Entries taken from a collection
________________________

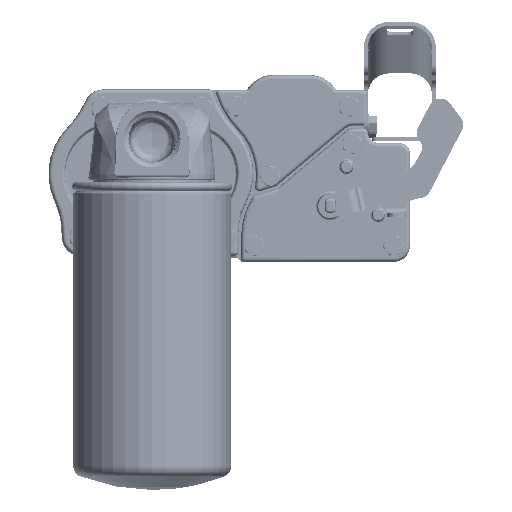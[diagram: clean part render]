
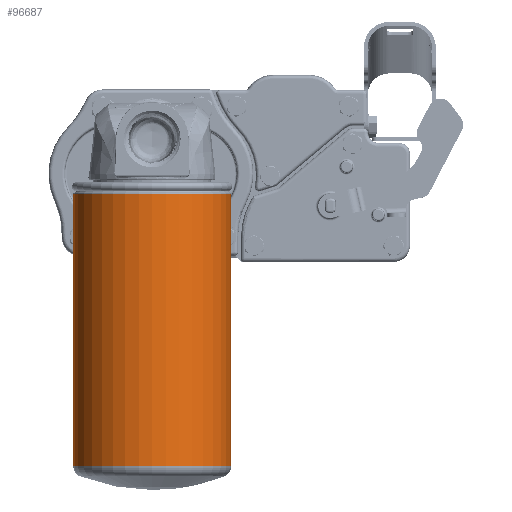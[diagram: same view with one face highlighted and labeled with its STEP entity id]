
A CAD part, top view. The second image highlights one B-rep face of the part: STEP entity #96687.
In plain terms, the highlighted cylindrical face has radius 46.863 mm (diameter 93.726 mm), a full revolution.
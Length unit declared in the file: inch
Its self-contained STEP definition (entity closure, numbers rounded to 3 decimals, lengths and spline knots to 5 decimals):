
#5857=CYLINDRICAL_SURFACE('',#104167,1.845);
#11091=FACE_OUTER_BOUND('',#16629,.T.);
#16629=EDGE_LOOP('',(#85886,#85887,#85888,#85889,#85890,#85891));
#19561=CIRCLE('',#104163,1.845);
#19562=CIRCLE('',#104164,1.845);
#19565=CIRCLE('',#104168,1.845);
#19566=CIRCLE('',#104169,1.845);
#29623=LINE('',#267557,#36389);
#36389=VECTOR('',#125188,1.845);
#45039=VERTEX_POINT('',#267546);
#45040=VERTEX_POINT('',#267547);
#45042=VERTEX_POINT('',#267554);
#45043=VERTEX_POINT('',#267555);
#58655=EDGE_CURVE('',#45039,#45040,#19561,.T.);
#58656=EDGE_CURVE('',#45040,#45039,#19562,.T.);
#58659=EDGE_CURVE('',#45042,#45043,#19565,.T.);
#58660=EDGE_CURVE('',#45042,#45040,#29623,.T.);
#58661=EDGE_CURVE('',#45043,#45042,#19566,.T.);
#85886=ORIENTED_EDGE('',*,*,#58659,.F.);
#85887=ORIENTED_EDGE('',*,*,#58660,.T.);
#85888=ORIENTED_EDGE('',*,*,#58655,.F.);
#85889=ORIENTED_EDGE('',*,*,#58656,.F.);
#85890=ORIENTED_EDGE('',*,*,#58660,.F.);
#85891=ORIENTED_EDGE('',*,*,#58661,.F.);
#96687=ADVANCED_FACE('',(#11091),#5857,.T.);
#104163=AXIS2_PLACEMENT_3D('',#267548,#125176,#125177);
#104164=AXIS2_PLACEMENT_3D('',#267549,#125178,#125179);
#104167=AXIS2_PLACEMENT_3D('',#267553,#125184,#125185);
#104168=AXIS2_PLACEMENT_3D('',#267556,#125186,#125187);
#104169=AXIS2_PLACEMENT_3D('',#267558,#125189,#125190);
#125176=DIRECTION('center_axis',(0.,0.,1.));
#125177=DIRECTION('ref_axis',(0.,-1.,0.));
#125178=DIRECTION('center_axis',(0.,0.,1.));
#125179=DIRECTION('ref_axis',(0.,-1.,0.));
#125184=DIRECTION('center_axis',(0.,0.,-1.));
#125185=DIRECTION('ref_axis',(0.,1.,0.));
#125186=DIRECTION('center_axis',(0.,0.,-1.));
#125187=DIRECTION('ref_axis',(0.,-1.,0.));
#125188=DIRECTION('',(0.,0.,1.));
#125189=DIRECTION('center_axis',(0.,0.,-1.));
#125190=DIRECTION('ref_axis',(0.,-1.,0.));
#267546=CARTESIAN_POINT('',(1.845,0.,6.9262));
#267547=CARTESIAN_POINT('',(0.,-1.845,6.9262));
#267548=CARTESIAN_POINT('Origin',(0.,0.,6.9262));
#267549=CARTESIAN_POINT('Origin',(0.,0.,6.9262));
#267553=CARTESIAN_POINT('Origin',(0.,0.,3.66197));
#267554=CARTESIAN_POINT('',(0.,-1.845,0.55111));
#267555=CARTESIAN_POINT('',(1.845,0.,0.55111));
#267556=CARTESIAN_POINT('Origin',(0.,0.,0.55111));
#267557=CARTESIAN_POINT('',(0.,-1.845,3.66197));
#267558=CARTESIAN_POINT('Origin',(0.,0.,0.55111));

________________________

What to produce. All of the entries above should be duplicated exactly, except for the pictures.

Your response.
[diagram: clean part render]
[diagram: same view with one face highlighted and labeled with its STEP entity id]
A CAD part, top view. The second image highlights one B-rep face of the part: STEP entity #96687.
In plain terms, the highlighted cylindrical face has radius 46.863 mm (diameter 93.726 mm), a full revolution.
Length unit declared in the file: inch
Its self-contained STEP definition (entity closure, numbers rounded to 3 decimals, lengths and spline knots to 5 decimals):
#5857=CYLINDRICAL_SURFACE('',#104167,1.845);
#11091=FACE_OUTER_BOUND('',#16629,.T.);
#16629=EDGE_LOOP('',(#85886,#85887,#85888,#85889,#85890,#85891));
#19561=CIRCLE('',#104163,1.845);
#19562=CIRCLE('',#104164,1.845);
#19565=CIRCLE('',#104168,1.845);
#19566=CIRCLE('',#104169,1.845);
#29623=LINE('',#267557,#36389);
#36389=VECTOR('',#125188,1.845);
#45039=VERTEX_POINT('',#267546);
#45040=VERTEX_POINT('',#267547);
#45042=VERTEX_POINT('',#267554);
#45043=VERTEX_POINT('',#267555);
#58655=EDGE_CURVE('',#45039,#45040,#19561,.T.);
#58656=EDGE_CURVE('',#45040,#45039,#19562,.T.);
#58659=EDGE_CURVE('',#45042,#45043,#19565,.T.);
#58660=EDGE_CURVE('',#45042,#45040,#29623,.T.);
#58661=EDGE_CURVE('',#45043,#45042,#19566,.T.);
#85886=ORIENTED_EDGE('',*,*,#58659,.F.);
#85887=ORIENTED_EDGE('',*,*,#58660,.T.);
#85888=ORIENTED_EDGE('',*,*,#58655,.F.);
#85889=ORIENTED_EDGE('',*,*,#58656,.F.);
#85890=ORIENTED_EDGE('',*,*,#58660,.F.);
#85891=ORIENTED_EDGE('',*,*,#58661,.F.);
#96687=ADVANCED_FACE('',(#11091),#5857,.T.);
#104163=AXIS2_PLACEMENT_3D('',#267548,#125176,#125177);
#104164=AXIS2_PLACEMENT_3D('',#267549,#125178,#125179);
#104167=AXIS2_PLACEMENT_3D('',#267553,#125184,#125185);
#104168=AXIS2_PLACEMENT_3D('',#267556,#125186,#125187);
#104169=AXIS2_PLACEMENT_3D('',#267558,#125189,#125190);
#125176=DIRECTION('center_axis',(0.,0.,1.));
#125177=DIRECTION('ref_axis',(0.,-1.,0.));
#125178=DIRECTION('center_axis',(0.,0.,1.));
#125179=DIRECTION('ref_axis',(0.,-1.,0.));
#125184=DIRECTION('center_axis',(0.,0.,-1.));
#125185=DIRECTION('ref_axis',(0.,1.,0.));
#125186=DIRECTION('center_axis',(0.,0.,-1.));
#125187=DIRECTION('ref_axis',(0.,-1.,0.));
#125188=DIRECTION('',(0.,0.,1.));
#125189=DIRECTION('center_axis',(0.,0.,-1.));
#125190=DIRECTION('ref_axis',(0.,-1.,0.));
#267546=CARTESIAN_POINT('',(1.845,0.,6.9262));
#267547=CARTESIAN_POINT('',(0.,-1.845,6.9262));
#267548=CARTESIAN_POINT('Origin',(0.,0.,6.9262));
#267549=CARTESIAN_POINT('Origin',(0.,0.,6.9262));
#267553=CARTESIAN_POINT('Origin',(0.,0.,3.66197));
#267554=CARTESIAN_POINT('',(0.,-1.845,0.55111));
#267555=CARTESIAN_POINT('',(1.845,0.,0.55111));
#267556=CARTESIAN_POINT('Origin',(0.,0.,0.55111));
#267557=CARTESIAN_POINT('',(0.,-1.845,3.66197));
#267558=CARTESIAN_POINT('Origin',(0.,0.,0.55111));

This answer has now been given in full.